• HOW TO COMPLETE THIS TASK
Compute how many lines in the data below hold the word "lineweight", then report that number with nothing else.

• EXTRACTED RECORDS
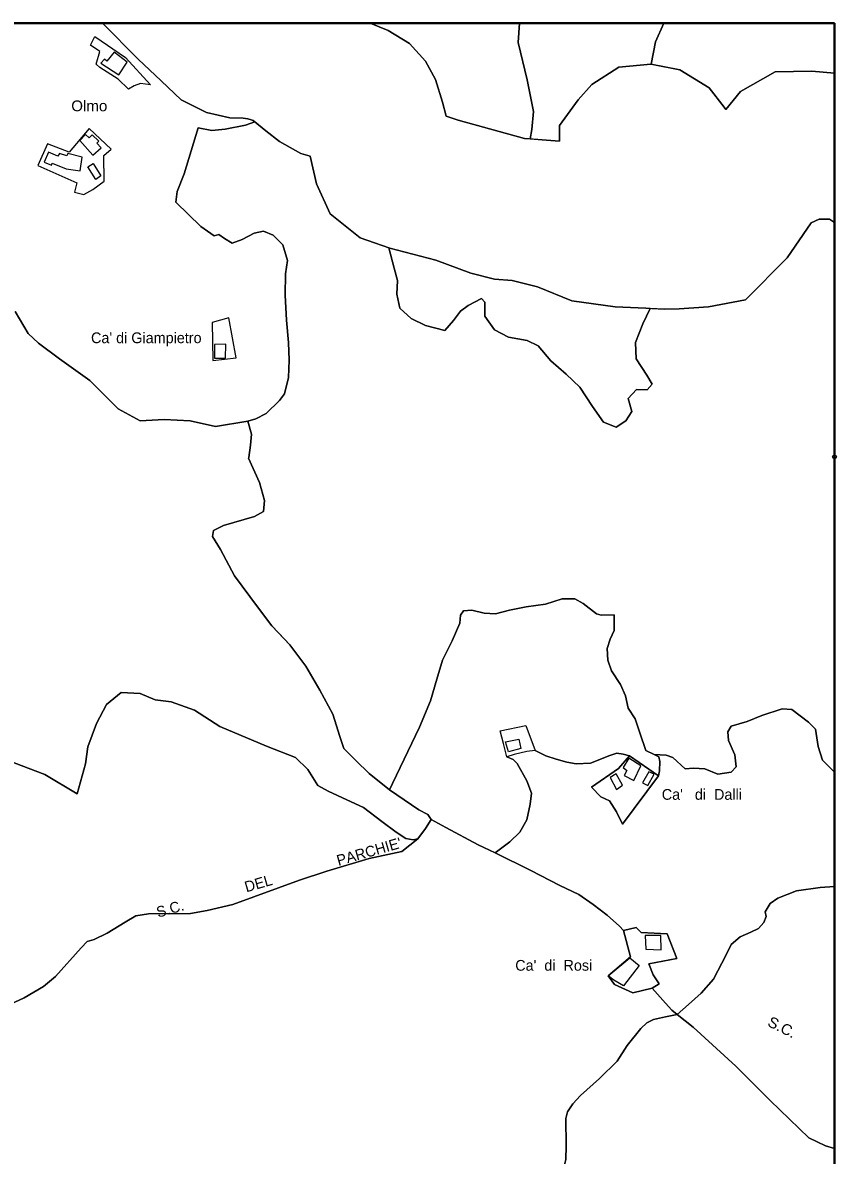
# Model space of a CAD drawing. Extents: x 650071 to 653841, y 889105 to 891996.
# Drawn here: x 653235 to 653841, y 891152 to 891996 of the extents above; entities that cross this region are included whole.
import ezdxf
from ezdxf.enums import TextEntityAlignment as Align

# ---------------------------------------------------------------- set-up
doc = ezdxf.new("R2010")
doc.units = 0
doc.header["$LTSCALE"] = 5.6
doc.header["$PDMODE"] = 32
doc.header["$PDSIZE"] = 2.8
for name, color, linetype, lineweight in [('2', 7, 'Continuous', 25), ('3', 7, 'Continuous', 25), ('36', 7, 'Continuous', 25), ('37', 7, 'Continuous', 25), ('4', 7, 'Continuous', 25), ('55', 7, 'Continuous', 25), ('61', 7, 'Continuous', 35)]:
    doc.layers.add(name, color=color, linetype=linetype, lineweight=lineweight)
doc.layers.add('60', color=7, linetype='Continuous')

msp = doc.modelspace()

# ---------------------------------------------------------------- linework, layer by layer
at = {"layer": '2'}
for points in [[(653330.45, 891949.72), (653322.99, 891950.77), (653318.29, 891949.07), (653314.09, 891946.47), (653306.31, 891953.92), (653292.79, 891962.67), (653290.09, 891965.17), (653292.79, 891974.67), (653285.68, 891979.43), (653289.08, 891985.9), (653311.75, 891970.13)], [(653296.11, 891968.89), (653293.5, 891965.94), (653306.88, 891957.2), (653313, 891966.62), (653303.36, 891974.1), (653298.04, 891967.41)], [(653253.81, 891905.82), (653246.6, 891889.79), (653275.59, 891876.74), (653273.87, 891869.94), (653280.67, 891868.22), (653287.44, 891871.96), (653295.82, 891878.11), (653295.61, 891897.11), (653301.13, 891902), (653284.79, 891917.28), (653269.94, 891899.66)], [(653277.82, 891908.39), (653287.49, 891897.46), (653293.63, 891902.88), (653290.52, 891906.38), (653292.02, 891907.88), (653286.97, 891912.52), (653284.65, 891910.33), (653282.06, 891912.79)], [(653254.37, 891899.55), (653251.37, 891892.18), (653256.61, 891889.88), (653257.19, 891891.34), (653267.71, 891887.14), (653278, 891885.65), (653279.49, 891895.94), (653268.83, 891898.73), (653268.01, 891896.82), (653262.6, 891898.74), (653261.47, 891896.55)], [(653283.7, 891888.77), (653287.79, 891891.09), (653293.38, 891882.04), (653289.7, 891879.22)]]:
    msp.add_lwpolyline(points, close=True, dxfattribs=at)
at = {"layer": '3'}
for points in [[(653682.6, 891319.93), (653687.83, 891300.33), (653671.37, 891286.21), (653676.04, 891279.79), (653689.53, 891273.61), (653703.92, 891277.04), (653709.26, 891280.11), (653704.85, 891286.88), (653701.65, 891295.12), (653722.31, 891299.02), (653715.14, 891317.55), (653695.92, 891318.37)], [(653695.92, 891318.37), (653692.01, 891322.29), (653682.6, 891319.93)]]:
    msp.add_lwpolyline(points, dxfattribs=at)
for points in [[(653698.85, 891316.3), (653699.41, 891306.08), (653710.76, 891305.52), (653710.55, 891316.28)], [(653687.3, 891299.55), (653694.35, 891293.8), (653682.6, 891278.64), (653675.55, 891283.08), (653671.37, 891286.21)]]:
    msp.add_lwpolyline(points, close=True, dxfattribs=at)
at = {"layer": '36'}
msp.add_line((653839.8, 891672.75), (653839.8, 891847.21), dxfattribs=at)
for points in [[(653635.09, 891907.74), (653635.09, 891919.48), (653648.99, 891938.74), (653659.02, 891950.02), (653679.3, 891962.85), (653703.06, 891965.22), (653703.36, 891965.16), (653706.62, 891981.91), (653712.77, 891995.66), (653605.2, 891995.66), (653604.37, 891981.36), (653610.85, 891953.6), (653615.71, 891930.03), (653614.41, 891916.49), (653613.09, 891909.5)], [(653486.68, 891835.79), (653464.3, 891853.71), (653454.16, 891876.01), (653449.23, 891896.62), (653442.41, 891898.73), (653426.57, 891907.6), (653416.27, 891915.57), (653408.04, 891922.15), (653401.11, 891919.7), (653386.07, 891916.68), (653376.21, 891915.68), (653365.84, 891917.69), (653355.47, 891883.48), (653350.29, 891870.39), (653349.25, 891862.34), (653367.92, 891844.23), (653377.75, 891837.41), (653381.38, 891838.42), (653385.53, 891835.4), (653391.29, 891831.94), (653398.82, 891834.59), (653407.56, 891839.27), (653414.48, 891840.9), (653421.83, 891837.91), (653429.04, 891830.75), (653432.57, 891818.88), (653430.97, 891808.93), (653430.65, 891793.14), (653431.68, 891774.52), (653433.24, 891757.92), (653433.76, 891744.83), (653433.24, 891731.75), (653430.13, 891719.68), (653426.5, 891714.65), (653416.65, 891705.09), (653408.87, 891701.06), (653402.99, 891699.2)], [(653613.09, 891909.5), (653622.15, 891908.91), (653635.09, 891907.74)], [(653839.8, 891847.21), (653836.07, 891849.78), (653828.33, 891849.8), (653822.45, 891846.94), (653804.61, 891820.85), (653773.64, 891789.59), (653746.05, 891784.44)], [(653746.05, 891784.44), (653724.27, 891782.85), (653712.92, 891782.78), (653702.45, 891783.21), (653697.11, 891771.88), (653691.73, 891757.95), (653692.23, 891745.82), (653700.17, 891733.6), (653704.12, 891726.81), (653700.21, 891722.54), (653692.43, 891723.01), (653686.12, 891716.29), (653688.98, 891706.52), (653684.5, 891699.59), (653677.17, 891694.91), (653667.88, 891698.58), (653659.58, 891710.15), (653650.24, 891724.74), (653639.93, 891734.42), (653628.46, 891744.36), (653619.13, 891755.43), (653610.99, 891759.31), (653596.99, 891761.82), (653586.62, 891767.36), (653579.36, 891777.42), (653579.36, 891787.98), (653577.06, 891790.6), (653566.91, 891785.47), (653561.19, 891781.24), (653556.02, 891774.4), (653549.59, 891766.78), (653535.14, 891770.65), (653524.56, 891775.74), (653516.22, 891783.48), (653513.98, 891793.86), (653514.39, 891804.04), (653511.94, 891813.21), (653507.87, 891828.28), (653507.86, 891828.35), (653486.68, 891835.79)], [(653415.46, 891640.27), (653411.72, 891653.73), (653403.5, 891671.68), (653403.59, 891672.24), (653405, 891681.4), (653405.75, 891689.62), (653402.99, 891699.2), (653378.9, 891695.4), (653359.98, 891699.6), (653340.51, 891700.65), (653322.67, 891699.6), (653306.46, 891708.51), (653285.37, 891729.49), (653262.67, 891745.75), (653246.99, 891757.28), (653239.42, 891764.63), (653229.69, 891780.88)], [(653402.99, 891699.2), (653405.75, 891689.62), (653405, 891681.4), (653403.59, 891672.24), (653403.5, 891671.68)], [(653728.68, 891440.33), (653734.9, 891440.84), (653743.2, 891440.33), (653753.05, 891436.31), (653762.91, 891437.82), (653766.49, 891441.82), (653765.5, 891450.9), (653760.83, 891461.47), (653760.31, 891468.01), (653762.91, 891472.03), (653774.83, 891475.55), (653785.72, 891480.08), (653800.76, 891485.11), (653808.02, 891484.61), (653820.47, 891475.05), (653825.65, 891470.02), (653827.73, 891456.94), (653830.84, 891446.88), (653839.8, 891437.91), (653839.8, 891672.75)], [(653403.5, 891671.68), (653411.72, 891653.73), (653415.46, 891640.27)], [(653407.99, 891628.31), (653414.71, 891632.05), (653415.46, 891640.27)], [(653415.46, 891640.27), (653414.71, 891632.05), (653407.99, 891628.31)], [(653407.99, 891628.31), (653384.82, 891621.58), (653377.35, 891617.84), (653376.6, 891613.35)], [(653377.35, 891617.84), (653384.82, 891621.58), (653407.99, 891628.31)], [(653410.23, 891561.01), (653393.04, 891584.19), (653382.58, 891603.63), (653376.6, 891613.35), (653377.35, 891617.84)], [(653376.6, 891613.35), (653382.58, 891603.63), (653393.04, 891584.19), (653410.23, 891561.01)], [(653474.49, 891455.58), (653483.45, 891446.61), (653493.17, 891436.89), (653508.52, 891424.77), (653510.59, 891429.39), (653530.78, 891471.39), (653539.08, 891491.01), (653543.75, 891507.11), (653547.9, 891521.2), (653555.16, 891535.79), (653560.86, 891548.87), (653561.38, 891554.91), (653563.45, 891557.93), (653569.68, 891558.43), (653579.01, 891556.42), (653587.31, 891555.92), (653597.68, 891558.43), (653610.12, 891560.95), (653624.64, 891562.96), (653637.09, 891566.99), (653646.42, 891566.99), (653652.65, 891563.47), (653662.5, 891555.92), (653666.13, 891554.91), (653675.79, 891555.05), (653675.79, 891543.48), (653672.68, 891536.94), (653670.6, 891529.89), (653671.12, 891521.34), (653673.71, 891513.29), (653680.45, 891503.23), (653684.08, 891494.67), (653686.16, 891485.62), (653691.34, 891477.57), (653694.86, 891467.21), (653699.34, 891454.02), (653705.56, 891451.03), (653714.51, 891450.53), (653719.35, 891448.89), (653728.68, 891440.33)], [(653446.09, 891516.9), (653434.14, 891532.6), (653420.69, 891546.81), (653410.23, 891561.01)], [(653410.23, 891561.01), (653420.69, 891546.81), (653430.38, 891536.57)], [(653430.38, 891536.57), (653434.14, 891532.6), (653446.09, 891516.9), (653456.55, 891498.95), (653466.27, 891481.01), (653471.5, 891464.56), (653474.49, 891455.58)], [(653466.27, 891481.01), (653456.55, 891498.95), (653446.09, 891516.9)], [(653218.3, 891448.84), (653251.82, 891436.25), (653275.87, 891421.67), (653282.09, 891444.13), (653283.71, 891456.71), (653290.2, 891474.02), (653297.77, 891488.18), (653308.58, 891497.09), (653322.64, 891496.57), (653333.99, 891491.85), (653345.89, 891490.28), (653363.19, 891483.98), (653382.11, 891471.92), (653416.71, 891457.24), (653438.34, 891448.85), (653447.53, 891439.93), (653455.09, 891427.87), (653462.66, 891423.67), (653476.72, 891417.38), (653489.15, 891411.61), (653502.67, 891401.12), (653513.48, 891393.25), (653520.51, 891388.53), (653526.16, 891387.38), (653529.61, 891388.13), (653535.33, 891396), (653539.36, 891402.53), (653536.86, 891406.42), (653530.33, 891409.76), (653508.52, 891424.77)], [(653474.49, 891455.58), (653471.5, 891464.56), (653466.27, 891481.01)], [(653508.52, 891424.77), (653493.17, 891436.89), (653483.45, 891446.61), (653474.49, 891455.58)]]:
    msp.add_lwpolyline(points, dxfattribs=at)
msp.add_lwpolyline([(653766.24, 891218.93), (653791.87, 891193.27), (653820.79, 891165.63), (653833.1, 891159.64), (653839.8, 891157.64), (653839.8, 891352.62), (653829.27, 891352.02), (653811.64, 891349.5), (653797.63, 891343.97), (653791.93, 891339.94), (653788.3, 891333.9), (653788.82, 891330.38), (653787.26, 891325.85), (653783.11, 891321.33), (653777.41, 891318.81), (653769.63, 891315.29), (653762.79, 891309.47), (653759.16, 891301.92), (653749.83, 891283.81), (653740.49, 891273.24), (653730.98, 891264.89), (653722.68, 891257.28), (653734.69, 891247.89)], close=True, dxfattribs=at)
msp.add_point((653839.8, 891672.75), dxfattribs=at)
at = {"layer": '37'}
msp.add_line((653714.51, 891450.53), (653705.56, 891451.03), dxfattribs=at)
for points in [[(653294.78, 891995.66), (653294.8, 891995.96), (653024.92, 891996.11)], [(653408.04, 891922.15), (653406.81, 891923.13), (653405.32, 891923.78), (653402.91, 891924.4), (653399.55, 891924.9), (653389.62, 891925.3), (653372.19, 891929.26), (653353.27, 891938.72), (653338.29, 891952.71), (653321.16, 891968.83), (653294.78, 891995.66)], [(653608.88, 891909.77), (653613.09, 891909.5), (653614.41, 891916.49), (653615.71, 891930.03), (653610.85, 891953.6), (653604.37, 891981.36), (653605.2, 891995.66), (653494, 891995.66)], [(653494, 891995.66), (653507.54, 891990.37), (653523.21, 891980.49), (653535.35, 891967.48), (653542.65, 891953.68), (653547.94, 891936.81), (653550.75, 891926.57), (653559.65, 891923.44), (653608.88, 891909.77)], [(653839.8, 891958.58), (653839.81, 891995.66), (653712.77, 891995.66), (653706.62, 891981.91), (653703.36, 891965.16)], [(653703.36, 891965.16), (653724.73, 891960.89), (653746.57, 891947.62)], [(653746.57, 891947.62), (653757.69, 891933.22), (653758.82, 891931.41), (653769.72, 891944.73), (653795.71, 891959.47), (653823.03, 891959.98), (653839.8, 891958.58)], [(653350.29, 891870.39), (653355.47, 891883.48), (653365.84, 891917.69), (653376.21, 891915.68), (653386.07, 891916.68), (653401.11, 891919.7), (653408.04, 891922.15)], [(653229.69, 891780.88), (653239.42, 891764.63), (653246.99, 891757.28), (653262.67, 891745.75), (653285.37, 891729.49), (653306.46, 891708.51), (653322.67, 891699.6), (653340.51, 891700.65), (653359.98, 891699.6), (653378.9, 891695.4), (653402.99, 891699.2), (653408.87, 891701.06), (653416.65, 891705.09), (653426.5, 891714.65), (653430.13, 891719.68), (653433.24, 891731.75), (653433.76, 891744.83), (653433.24, 891757.92), (653431.68, 891774.52), (653430.65, 891793.14), (653430.97, 891808.93), (653432.57, 891818.88), (653429.04, 891830.75), (653421.83, 891837.91), (653414.48, 891840.9), (653407.56, 891839.27), (653398.82, 891834.59), (653391.29, 891831.94), (653385.53, 891835.4), (653381.38, 891838.42), (653377.75, 891837.41), (653367.92, 891844.23), (653349.25, 891862.34), (653350.29, 891870.39)], [(653507.87, 891828.28), (653511.94, 891813.21), (653514.39, 891804.04), (653513.98, 891793.86), (653516.22, 891783.48), (653524.56, 891775.74), (653535.14, 891770.65), (653549.59, 891766.78), (653556.02, 891774.4), (653561.19, 891781.24), (653566.91, 891785.47), (653577.06, 891790.6), (653579.36, 891787.98), (653579.36, 891777.42), (653586.62, 891767.36), (653596.99, 891761.82), (653610.99, 891759.31), (653619.13, 891755.43), (653628.46, 891744.36), (653639.93, 891734.42), (653650.24, 891724.74)], [(653599.77, 891804), (653586.63, 891804.97), (653569.03, 891809.63), (653542.86, 891819.2), (653508.56, 891828.1), (653507.89, 891828.34)], [(653702.45, 891783.21), (653699.3, 891783.35), (653676.6, 891784.48), (653644.25, 891789.02), (653618.72, 891799.25), (653599.77, 891804)], [(653650.24, 891724.74), (653659.58, 891710.15), (653667.88, 891698.58), (653677.17, 891694.91), (653684.5, 891699.59), (653688.98, 891706.52), (653686.12, 891716.29), (653692.43, 891723.01), (653700.21, 891722.54), (653704.12, 891726.81), (653700.17, 891733.6), (653692.23, 891745.82), (653691.73, 891757.95), (653697.11, 891771.88), (653702.45, 891783.21)], [(653708.81, 891435.22), (653709.6, 891438.85), (653709.82, 891445.85), (653708.95, 891449.35), (653705.56, 891451.03), (653699.34, 891454.02), (653694.86, 891467.21), (653691.34, 891477.57), (653686.16, 891485.62), (653684.08, 891494.67), (653680.45, 891503.23), (653673.71, 891513.29), (653671.12, 891521.34), (653670.6, 891529.89), (653672.68, 891536.94), (653675.79, 891543.48), (653675.79, 891555.05), (653666.13, 891554.91), (653662.5, 891555.92), (653652.65, 891563.47), (653646.42, 891566.99), (653637.09, 891566.99), (653624.64, 891562.96), (653610.12, 891560.95), (653597.68, 891558.43), (653587.31, 891555.92), (653579.01, 891556.42), (653569.68, 891558.43), (653563.45, 891557.93), (653561.38, 891554.91), (653560.86, 891548.87), (653555.16, 891535.79), (653547.9, 891521.2), (653543.75, 891507.11), (653539.08, 891491.01), (653530.78, 891471.39), (653510.59, 891429.39), (653508.52, 891424.77), (653530.33, 891409.76)], [(653278.74, 891306.98), (653283.17, 891311.85), (653288.49, 891313.18), (653298.24, 891318.06), (653311.54, 891326.05), (653319.52, 891330.92), (653328.83, 891332.25), (653360.29, 891332.7), (653372.7, 891334.92), (653391.76, 891339.35), (653441.41, 891357.53), (653461.8, 891364.18), (653493.27, 891373.49), (653517.64, 891378.82), (653529.61, 891388.13), (653526.16, 891387.38), (653520.51, 891388.53), (653513.48, 891393.25), (653502.67, 891401.12), (653489.15, 891411.61), (653476.72, 891417.38), (653462.66, 891423.67), (653455.09, 891427.87), (653447.53, 891439.93), (653438.34, 891448.85), (653416.71, 891457.24), (653382.11, 891471.92), (653363.19, 891483.98), (653345.89, 891490.28), (653333.99, 891491.85), (653322.64, 891496.57), (653308.58, 891497.09), (653297.77, 891488.18), (653290.2, 891474.02), (653283.71, 891456.71), (653282.09, 891444.13), (653275.87, 891421.67), (653251.82, 891436.25), (653218.3, 891448.84)], [(653714.05, 891265.78), (653718.73, 891260.67), (653722.68, 891257.28), (653730.98, 891264.89), (653740.49, 891273.24), (653749.83, 891283.81), (653759.16, 891301.92), (653762.79, 891309.47), (653769.63, 891315.29), (653777.41, 891318.81), (653783.11, 891321.33), (653787.26, 891325.85), (653788.82, 891330.38), (653788.3, 891333.9), (653791.93, 891339.94), (653797.63, 891343.97), (653811.64, 891349.5), (653829.27, 891352.02), (653839.8, 891352.62), (653839.8, 891437.91), (653830.84, 891446.88), (653827.73, 891456.94), (653825.65, 891470.02), (653820.47, 891475.05), (653808.02, 891484.61), (653800.76, 891485.11), (653785.72, 891480.08), (653774.83, 891475.55), (653762.91, 891472.03), (653760.31, 891468.01), (653760.83, 891461.47), (653765.5, 891450.9), (653766.49, 891441.82), (653762.91, 891437.82), (653753.05, 891436.31), (653743.2, 891440.33), (653734.9, 891440.84), (653728.68, 891440.33), (653719.35, 891448.89), (653714.51, 891450.53)], [(653550.35, 891396.72), (653574.46, 891383.67), (653587.17, 891377.81), (653597.92, 891385.96), (653605.42, 891393.13), (653610.63, 891402.26), (653613.24, 891414), (653614.22, 891422.15), (653610.59, 891431.41), (653603.46, 891444.32), (653600.53, 891447.26), (653595.74, 891449.31), (653593.25, 891459.32), (653590.91, 891468.62), (653609.87, 891472.52), (653616.79, 891454.05)], [(653687.27, 891450.1), (653682.42, 891451.3), (653677.82, 891452.1), (653672.61, 891450.3), (653658.2, 891444.49), (653647.39, 891444.09), (653640.58, 891445.29), (653632.57, 891447.49), (653624.97, 891450.1), (653616.79, 891454.05), (653610.79, 891453.25), (653601.38, 891451.05), (653595.74, 891449.31)], [(653616.79, 891454.05), (653624.97, 891450.1), (653632.57, 891447.49), (653640.58, 891445.29), (653647.39, 891444.09), (653658.2, 891444.49), (653672.61, 891450.3), (653677.82, 891452.1), (653682.42, 891451.3), (653687.27, 891450.1), (653708.81, 891435.22)], [(653595.74, 891449.31), (653600.53, 891447.26), (653603.46, 891444.32), (653610.59, 891431.41), (653614.22, 891422.15), (653613.24, 891414), (653610.63, 891402.26), (653605.42, 891393.13), (653597.92, 891385.96), (653587.17, 891377.81)], [(653705.56, 891451.03), (653708.95, 891449.35), (653709.82, 891445.85), (653709.6, 891438.85), (653708.81, 891435.22), (653682.05, 891399.12), (653677.42, 891408.28), (653672.15, 891416.42), (653665.85, 891419.42), (653658.94, 891426.78), (653678.96, 891440.61), (653687.27, 891450.1)], [(653530.33, 891409.76), (653536.86, 891406.42), (653539.36, 891402.53), (653550.35, 891396.72)], [(653587.17, 891377.81), (653574.46, 891383.67), (653550.35, 891396.72), (653539.36, 891402.53), (653535.33, 891396), (653529.61, 891388.13)], [(653529.61, 891388.13), (653517.64, 891378.82), (653493.27, 891373.49), (653461.8, 891364.18), (653441.41, 891357.53), (653391.76, 891339.35), (653372.7, 891334.92), (653360.29, 891332.7), (653328.83, 891332.25), (653319.52, 891330.92), (653311.54, 891326.05), (653298.24, 891318.06), (653288.49, 891313.18), (653283.17, 891311.85), (653278.74, 891306.98)], [(653682.6, 891319.93), (653679.59, 891323.26), (653670.65, 891331.35), (653660.01, 891339.44), (653649.37, 891346.67), (653635.33, 891353.49), (653613.63, 891364.56), (653587.17, 891377.81)], [(653587.17, 891377.81), (653613.63, 891364.56), (653635.33, 891353.49), (653649.37, 891346.67), (653660.01, 891339.44)], [(653660.01, 891339.44), (653670.65, 891331.35), (653679.59, 891323.26), (653682.6, 891319.93)], [(653722.68, 891257.28), (653718.73, 891260.67), (653714.05, 891265.78), (653703.92, 891277.04), (653689.53, 891273.61), (653676.04, 891279.79), (653671.37, 891286.21), (653687.83, 891300.33), (653682.6, 891319.93)], [(653682.6, 891319.93), (653692.01, 891322.29), (653695.92, 891318.37), (653715.14, 891317.55), (653722.31, 891299.02), (653701.65, 891295.12), (653704.85, 891286.88), (653709.26, 891280.11), (653703.92, 891277.04), (653714.05, 891265.78)], [(653157.88, 891259.31), (653169.6, 891257.3), (653184.23, 891254.64), (653195.31, 891255.3), (653216.37, 891260.63), (653236.31, 891269.72), (653250.82, 891278.15), (653259.68, 891285.69), (653278.74, 891306.98)], [(653278.74, 891306.98), (653259.68, 891285.69), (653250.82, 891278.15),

• ANSWER
2